Top of MATERIAL FOR THE TASK

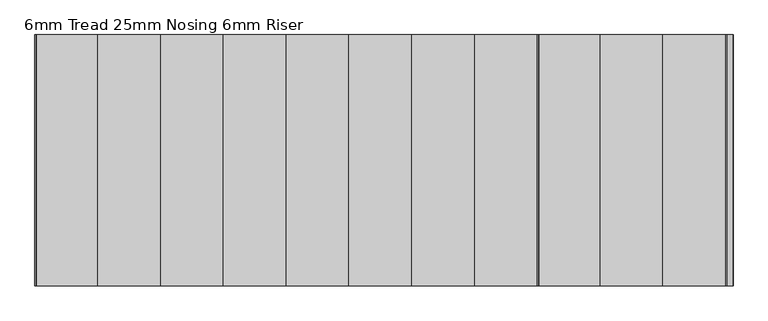
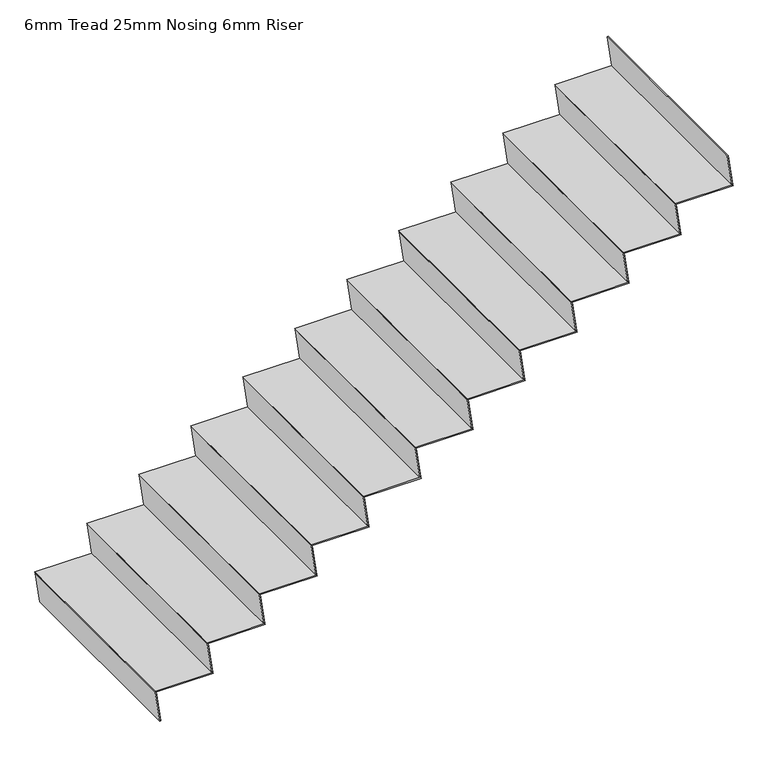
"""IFC4 building model written with IfcOpenShell, lengths in millimetres: stair flight geometry, 6mm Tread 25mm Nosing 6mm Riser."""

import ifcopenshell
import ifcopenshell.guid

model = None  # the IFC model being written
_history = None  # IfcOwnerHistory: only IFC2X3 demands one
_inside = {}  # id of a spatial element -> (the spatial element, [elements in it])
_under = {}  # id of a project, library or spatial element -> (it, [spatial elements below it])
_declared = {}  # id of a project -> (the project, [libraries it declares])
_typed = {}  # id of a type object -> (the type object, [elements of that type])
_made_of = {}  # id of a material, layer set ... -> (it, [elements and type objects made of it])


def new_model(schema):
    """Start an empty IFC model of exactly this schema.

    Asked for "IFC4X3", IfcOpenShell would pick the latest addendum, in which some entities
    have other attributes; the version numbers below select the first issue.
    IFC2X3 requires an IfcOwnerHistory on every rooted entity: one is made here for all.
    """
    global model, _history
    if schema == "IFC4X3":
        model = ifcopenshell.file(schema_version=(4, 3, 0, 0))
    else:
        model = ifcopenshell.file(schema=schema)
    _inside.clear()
    _under.clear()
    _declared.clear()
    _typed.clear()
    _made_of.clear()
    _history = None
    if model.schema == "IFC2X3":
        org = make("IfcOrganization", Name="unknown")
        user = make(
            "IfcPersonAndOrganization",
            ThePerson=make("IfcPerson", FamilyName="unknown"),
            TheOrganization=org,
        )
        app = make(
            "IfcApplication",
            ApplicationDeveloper=org,
            Version="unknown",
            ApplicationFullName="unknown",
            ApplicationIdentifier="unknown",
        )
        _history = make(
            "IfcOwnerHistory",
            OwningUser=user,
            OwningApplication=app,
            ChangeAction="ADDED",
            CreationDate=0,
        )
    return model


def make(cls, **values):
    """One entity of the class cls with the attributes given. An attribute that is None is left unset."""
    return model.create_entity(
        cls, **{name: value for name, value in values.items() if value is not None}
    )


def rooted(cls, **values):
    """An entity with a GlobalId (a new one), such as an element, a storey or a relation."""
    return make(cls, GlobalId=ifcopenshell.guid.new(), OwnerHistory=_history, **values)


def si_unit(unit_type, name, prefix=None):
    """IfcSIUnit, for example si_unit("LENGTHUNIT", "METRE", prefix="MILLI")."""
    return make("IfcSIUnit", UnitType=unit_type, Prefix=prefix, Name=name)


def assignment(units):
    """IfcUnitAssignment: the units of a project."""
    return None if units is None else make("IfcUnitAssignment", Units=units)


def point(xyz):
    """IfcCartesianPoint."""
    return None if xyz is None else make("IfcCartesianPoint", Coordinates=xyz)


def direction(xyz):
    """IfcDirection."""
    return None if xyz is None else make("IfcDirection", DirectionRatios=xyz)


def frame(location, z_axis=None, x_axis=None):
    """IfcAxis2Placement3D, a coordinate frame: its origin and axes. An axis left out is left unset."""
    return make(
        "IfcAxis2Placement3D",
        Location=point(location),
        Axis=direction(z_axis),
        RefDirection=direction(x_axis),
    )


def origin():
    """The frame at (0, 0, 0) with its axes left unset."""
    return frame((0.0, 0.0, 0.0))


def place(relative_to, where):
    """IfcLocalPlacement: puts the frame where relative to a parent placement (None: the world)."""
    return make(
        "IfcLocalPlacement", PlacementRelTo=relative_to, RelativePlacement=where
    )


def context(
    kind, dimensions, precision=None, world=None, true_north=None, identifier=None
):
    """IfcGeometricRepresentationContext, for example the 3D "Model" context."""
    return make(
        "IfcGeometricRepresentationContext",
        ContextIdentifier=identifier,
        ContextType=kind,
        CoordinateSpaceDimension=dimensions,
        Precision=precision,
        WorldCoordinateSystem=world,
        TrueNorth=true_north,
    )


def project(units=None, contexts=None):
    """IfcProject with its units and contexts."""
    return rooted(
        "IfcProject",
        Name="project",
        RepresentationContexts=contexts,
        UnitsInContext=assignment(units),
    )


def spatial(cls, under=None, at=None, **own):
    """A site, building, storey or space (cls), placed at a placement, below another one or the project."""
    s = rooted(cls, ObjectPlacement=at, **own)
    if under is not None:
        _under.setdefault(under.id(), (under, []))[1].append(s)
    return s


def polyline(points):
    """IfcPolyline through the points."""
    return make("IfcPolyline", Points=[point(p) for p in points])


def outline(outer, holes=None, kind="AREA"):
    """IfcArbitraryClosedProfileDef: a profile drawn as a closed curve; with holes, ...WithVoids."""
    if holes is None:
        return make("IfcArbitraryClosedProfileDef", ProfileType=kind, OuterCurve=outer)
    return make(
        "IfcArbitraryProfileDefWithVoids",
        ProfileType=kind,
        OuterCurve=outer,
        InnerCurves=holes,
    )


def extrude(swept, where, along, depth):
    """IfcExtrudedAreaSolid: the profile swept, set in the frame where, extruded along a direction by depth."""
    return make(
        "IfcExtrudedAreaSolid",
        SweptArea=swept,
        Position=where,
        ExtrudedDirection=direction(along),
        Depth=depth,
    )


def shape(context_of_items, identifier, shape_type, items):
    """IfcShapeRepresentation: the items that make up one representation, for example the "Body"."""
    return make(
        "IfcShapeRepresentation",
        ContextOfItems=context_of_items,
        RepresentationIdentifier=identifier,
        RepresentationType=shape_type,
        Items=items,
    )


def source(mapping_origin, context_of_items, identifier, shape_type, items):
    """IfcRepresentationMap: a shape defined once, which mapped items show again and again."""
    return make(
        "IfcRepresentationMap",
        MappingOrigin=mapping_origin,
        MappedRepresentation=shape(context_of_items, identifier, shape_type, items),
    )


def transform(
    local_origin,
    x_axis=None,
    y_axis=None,
    z_axis=None,
    scale=None,
    scale2=None,
    scale3=None,
    uniform=True,
):
    """IfcCartesianTransformationOperator3D, or its non-uniform kind. x_axis, y_axis, z_axis: its Axis1, 2, 3."""
    if uniform:
        return make(
            "IfcCartesianTransformationOperator3D",
            Axis1=direction(x_axis),
            Axis2=direction(y_axis),
            LocalOrigin=point(local_origin),
            Scale=scale,
            Axis3=direction(z_axis),
        )
    return make(
        "IfcCartesianTransformationOperator3DnonUniform",
        Axis1=direction(x_axis),
        Axis2=direction(y_axis),
        LocalOrigin=point(local_origin),
        Scale=scale,
        Axis3=direction(z_axis),
        Scale2=scale2,
        Scale3=scale3,
    )


def mapped(mapping_source, mapping_target):
    """IfcMappedItem: shows the shape of a source again, moved by a transform."""
    return make(
        "IfcMappedItem", MappingSource=mapping_source, MappingTarget=mapping_target
    )


def made_of(thing, what):
    """Note that an element or type object is made of a material, layer set ...; save() writes the relation."""
    if what is not None:
        _made_of.setdefault(what.id(), (what, []))[1].append(thing)
    return thing


def element(
    cls,
    number,
    at=None,
    inside=None,
    cuts=None,
    type_object=None,
    material=None,
    context=None,
    identifier="Body",
    shape_type=None,
    held_by="IfcProductDefinitionShape",
    body=None,
    shapes=None,
    **own,
):
    """One element of the class cls, such as IfcWall. Its Tag is "e" and its number.

    at: its placement. inside: the storey or other place that contains it. cuts: it is an
    opening in that element (IfcRelVoidsElement). A single representation is given by context,
    identifier, shape_type and body (its items); several are given by shapes. held_by: the class
    of the entity that holds the representations. save() writes the other relations.
    """
    e = rooted(cls, Tag="e%d" % number, ObjectPlacement=at, **own)
    if body is not None:
        shapes = [shape(context, identifier, shape_type, body)]
    if shapes is not None:
        e.Representation = make(held_by, Representations=shapes)
    if inside is not None:
        _inside.setdefault(inside.id(), (inside, []))[1].append(e)
    if cuts is not None:
        rooted(
            "IfcRelVoidsElement", RelatingBuildingElement=cuts, RelatedOpeningElement=e
        )
    if type_object is not None:
        _typed.setdefault(type_object.id(), (type_object, []))[1].append(e)
    return made_of(e, material)


def aggregate(whole, parts):
    """IfcRelAggregates: a whole, such as a stair, and the parts it consists of."""
    return rooted("IfcRelAggregates", RelatingObject=whole, RelatedObjects=parts)


def save(model, path):
    """Write the relations noted so far, then the file.

    IfcRelAggregates (storeys below a building ...), IfcRelContainedInSpatialStructure (elements
    in a storey), IfcRelDefinesByType, IfcRelAssociatesMaterial and IfcRelDeclares: one each for
    every whole, place, type object, material and project.
    """
    for whole, parts in _under.values():
        aggregate(whole, parts)
    for where, things in _inside.values():
        rooted(
            "IfcRelContainedInSpatialStructure",
            RelatedElements=things,
            RelatingStructure=where,
        )
    for kind, things in _typed.values():
        rooted("IfcRelDefinesByType", RelatedObjects=things, RelatingType=kind)
    for what, things in _made_of.values():
        rooted("IfcRelAssociatesMaterial", RelatedObjects=things, RelatingMaterial=what)
    for by, libraries in _declared.values():
        rooted("IfcRelDeclares", RelatingContext=by, RelatedDefinitions=libraries)
    model.write(path)


def stair_flight_6mm_tread_25mm_nosing_6mm_riser_2288a60d(model_context):
    return source(origin(), model_context, "Body", "SweptSolid", [
        extrude(outline(polyline([(20176.4705882, 13631.0599092), (20176.4705882, 13325.0), (20170.4705882, 13325.85), (20170.4705882, 13631.9099092), (20176.4705882, 13631.0599092)])), frame((0.0, 10295.4345331, 0.0), z_axis=(0.0, 1.0, 0.0), x_axis=(0.0, 0.0, 1.0)), (0.0, 0.0, 1.0), 1100.0),
        extrude(outline(polyline([(20170.4705882, 13325.85), (20000.0, 13350.0), (20000.0, 13356.0599092), (20170.4705882, 13331.9099092), (20170.4705882, 13325.85)])), frame((0.0, 10295.4345331, 0.0), z_axis=(0.0, 1.0, 0.0), x_axis=(0.0, 0.0, 1.0)), (0.0, 0.0, 1.0), 1100.0),
        extrude(outline(polyline([(20346.9411765, 13600.85), (20176.4705882, 13625.0), (20176.4705882, 13631.0599092), (20346.9411765, 13606.9099092), (20346.9411765, 13600.85)])), frame((0.0, 10295.4345331, 0.0), z_axis=(0.0, 1.0, 0.0), x_axis=(0.0, 0.0, 1.0)), (0.0, 0.0, 1.0), 1100.0),
        extrude(outline(polyline([(20352.9411765, 13906.0599092), (20352.9411765, 13600.0), (20346.9411765, 13600.85), (20346.9411765, 13906.9099092), (20352.9411765, 13906.0599092)])), frame((0.0, 10295.4345331, 0.0), z_axis=(0.0, 1.0, 0.0), x_axis=(0.0, 0.0, 1.0)), (0.0, 0.0, 1.0), 1100.0),
        extrude(outline(polyline([(20523.4117647, 13875.85), (20352.9411765, 13900.0), (20352.9411765, 13906.0599092), (20523.4117647, 13881.9099092), (20523.4117647, 13875.85)])), frame((0.0, 10295.4345331, 0.0), z_axis=(0.0, 1.0, 0.0), x_axis=(0.0, 0.0, 1.0)), (0.0, 0.0, 1.0), 1100.0),
        extrude(outline(polyline([(20529.4117647, 14181.0599092), (20529.4117647, 13875.0), (20523.4117647, 13875.85), (20523.4117647, 14181.9099092), (20529.4117647, 14181.0599092)])), frame((0.0, 10295.4345331, 0.0), z_axis=(0.0, 1.0, 0.0), x_axis=(0.0, 0.0, 1.0)), (0.0, 0.0, 1.0), 1100.0),
        extrude(outline(polyline([(20699.8823529, 14150.85), (20529.4117647, 14175.0), (20529.4117647, 14181.0599092), (20699.8823529, 14156.9099092), (20699.8823529, 14150.85)])), frame((0.0, 10295.4345331, 0.0), z_axis=(0.0, 1.0, 0.0), x_axis=(0.0, 0.0, 1.0)), (0.0, 0.0, 1.0), 1100.0),
        extrude(outline(polyline([(20705.8823529, 14456.0599092), (20705.8823529, 14150.0), (20699.8823529, 14150.85), (20699.8823529, 14456.9099092), (20705.8823529, 14456.0599092)])), frame((0.0, 10295.4345331, 0.0), z_axis=(0.0, 1.0, 0.0), x_axis=(0.0, 0.0, 1.0)), (0.0, 0.0, 1.0), 1100.0),
        extrude(outline(polyline([(20876.3529412, 14425.85), (20705.8823529, 14450.0), (20705.8823529, 14456.0599092), (20876.3529412, 14431.9099092), (20876.3529412, 14425.85)])), frame((0.0, 10295.4345331, 0.0), z_axis=(0.0, 1.0, 0.0), x_axis=(0.0, 0.0, 1.0)), (0.0, 0.0, 1.0), 1100.0),
        extrude(outline(polyline([(20882.3529412, 14731.0599092), (20882.3529412, 14425.0), (20876.3529412, 14425.85), (20876.3529412, 14731.9099092), (20882.3529412, 14731.0599092)])), frame((0.0, 10295.4345331, 0.0), z_axis=(0.0, 1.0, 0.0), x_axis=(0.0, 0.0, 1.0)), (0.0, 0.0, 1.0), 1100.0),
        extrude(outline(polyline([(21052.8235294, 14700.85), (20882.3529412, 14725.0), (20882.3529412, 14731.0599092), (21052.8235294, 14706.9099092), (21052.8235294, 14700.85)])), frame((0.0, 10295.4345331, 0.0), z_axis=(0.0, 1.0, 0.0), x_axis=(0.0, 0.0, 1.0)), (0.0, 0.0, 1.0), 1100.0),
        extrude(outline(polyline([(21058.8235294, 15006.0599092), (21058.8235294, 14700.0), (21052.8235294, 14700.85), (21052.8235294, 15006.9099092), (21058.8235294, 15006.0599092)])), frame((0.0, 10295.4345331, 0.0), z_axis=(0.0, 1.0, 0.0), x_axis=(0.0, 0.0, 1.0)), (0.0, 0.0, 1.0), 1100.0),
        extrude(outline(polyline([(21229.2941176, 14975.85), (21058.8235294, 15000.0), (21058.8235294, 15006.0599092), (21229.2941176, 14981.9099092), (21229.2941176, 14975.85)])), frame((0.0, 10295.4345331, 0.0), z_axis=(0.0, 1.0, 0.0), x_axis=(0.0, 0.0, 1.0)), (0.0, 0.0, 1.0), 1100.0),
        extrude(outline(polyline([(21235.2941176, 15281.0599092), (21235.2941176, 14975.0), (21229.2941176, 14975.85), (21229.2941176, 15281.9099092), (21235.2941176, 15281.0599092)])), frame((0.0, 10295.4345331, 0.0), z_axis=(0.0, 1.0, 0.0), x_axis=(0.0, 0.0, 1.0)), (0.0, 0.0, 1.0), 1100.0),
        extrude(outline(polyline([(21405.7647059, 15250.85), (21235.2941176, 15275.0), (21235.2941176, 15281.0599092), (21405.7647059, 15256.9099092), (21405.7647059, 15250.85)])), frame((0.0, 10295.4345331, 0.0), z_axis=(0.0, 1.0, 0.0), x_axis=(0.0, 0.0, 1.0)), (0.0, 0.0, 1.0), 1100.0),
        extrude(outline(polyline([(21411.7647059, 15556.0599092), (21411.7647059, 15250.0), (21405.7647059, 15250.85), (21405.7647059, 15556.9099092), (21411.7647059, 15556.0599092)])), frame((0.0, 10295.4345331, 0.0), z_axis=(0.0, 1.0, 0.0), x_axis=(0.0, 0.0, 1.0)), (0.0, 0.0, 1.0), 1100.0),
        extrude(outline(polyline([(21582.2352941, 15525.85), (21411.7647059, 15550.0), (21411.7647059, 15556.0599092), (21582.2352941, 15531.9099092), (21582.2352941, 15525.85)])), frame((0.0, 10295.4345331, 0.0), z_axis=(0.0, 1.0, 0.0), x_axis=(0.0, 0.0, 1.0)), (0.0, 0.0, 1.0), 1100.0),
        extrude(outline(polyline([(21588.2352941, 15831.0599092), (21588.2352941, 15525.0), (21582.2352941, 15525.85), (21582.2352941, 15831.9099092), (21588.2352941, 15831.0599092)])), frame((0.0, 10295.4345331, 0.0), z_axis=(0.0, 1.0, 0.0), x_axis=(0.0, 0.0, 1.0)), (0.0, 0.0, 1.0), 1100.0),
        extrude(outline(polyline([(21758.7058824, 15800.85), (21588.2352941, 15825.0), (21588.2352941, 15831.0599092), (21758.7058824, 15806.9099092), (21758.7058824, 15800.85)])), frame((0.0, 10295.4345331, 0.0), z_axis=(0.0, 1.0, 0.0), x_axis=(0.0, 0.0, 1.0)), (0.0, 0.0, 1.0), 1100.0),
        extrude(outline(polyline([(21764.7058824, 16106.0599092), (21764.7058824, 15800.0), (21758.7058824, 15800.85), (21758.7058824, 16106.9099092), (21764.7058824, 16106.0599092)])), frame((0.0, 10295.4345331, 0.0), z_axis=(0.0, 1.0, 0.0), x_axis=(0.0, 0.0, 1.0)), (0.0, 0.0, 1.0), 1100.0),
        extrude(outline(polyline([(21935.1764706, 16075.85), (21764.7058824, 16100.0), (21764.7058824, 16106.0599092), (21935.1764706, 16081.9099092), (21935.1764706, 16075.85)])), frame((0.0, 10295.4345331, 0.0), z_axis=(0.0, 1.0, 0.0), x_axis=(0.0, 0.0, 1.0)), (0.0, 0.0, 1.0), 1100.0),
        extrude(outline(polyline([(22111.6470588, 16350.85), (21941.1764706, 16375.0), (21941.1764706, 16381.0599092), (22111.6470588, 16356.9099092), (22111.6470588, 16350.85)])), frame((0.0, 10295.4345331, 0.0), z_axis=(0.0, 1.0, 0.0), x_axis=(0.0, 0.0, 1.0)), (0.0, 0.0, 1.0), 1100.0),
        extrude(outline(polyline([(21941.1764706, 16381.0599092), (21941.1764706, 16075.0), (21935.1764706, 16075.85), (21935.1764706, 16381.9099092), (21941.1764706, 16381.0599092)])), frame((0.0, 10295.4345331, 0.0), z_axis=(0.0, 1.0, 0.0), x_axis=(0.0, 0.0, 1.0)), (0.0, 0.0, 1.0), 1100.0),
    ])


if __name__ == "__main__":
    model = new_model("IFC4")
    model_context = context("Model", 3, world=origin())
    ifc_project = project(units=[si_unit("LENGTHUNIT", "METRE", prefix="MILLI")], contexts=[model_context])
    site = spatial("IfcSite", under=ifc_project)
    building = spatial("IfcBuilding", under=site)
    placement = place(None, origin())
    stair_flight_6mm_tread_25mm_nosing_6mm_riser_shape = stair_flight_6mm_tread_25mm_nosing_6mm_riser_2288a60d(model_context)
    element("IfcStairFlight", 1, ObjectType="6mm Tread 25mm Nosing 6mm Riser", at=placement, inside=building, context=model_context, shape_type="MappedRepresentation", body=[
        mapped(stair_flight_6mm_tread_25mm_nosing_6mm_riser_shape, transform((0.0, 0.0, 0.0), x_axis=(1.0, 0.0, 0.0), y_axis=(0.0, 1.0, 0.0), z_axis=(0.0, 0.0, 1.0))),
    ])
    save(model, "model.ifc")

# Revit data of these elements
# Element 1 (IfcStairFlight, "6mm Tread 25mm Nosing 6mm Riser")
#   Materials on its faces: "Steel, Paint Finish, Dark Gray"
# Materials
#   "Steel, Paint Finish, Dark Gray": class "Metal", colour RGB 89 89 89, transparency 0, Description = "Steel, paint finish, dark gray, glossy", Cost = 0

Bottom of MATERIAL FOR THE TASK

REQUIRED WORK:
Please give back an exact copy of the entries above from their first line through the line containing "[libraries it declares])", leaving the pictures aside.

RESULT FOR THIS TASK:
"""IFC4 building model written with IfcOpenShell, lengths in millimetres: stair flight geometry, 6mm Tread 25mm Nosing 6mm Riser."""

import ifcopenshell
import ifcopenshell.guid

model = None  # the IFC model being written
_history = None  # IfcOwnerHistory: only IFC2X3 demands one
_inside = {}  # id of a spatial element -> (the spatial element, [elements in it])
_under = {}  # id of a project, library or spatial element -> (it, [spatial elements below it])
_declared = {}  # id of a project -> (the project, [libraries it declares])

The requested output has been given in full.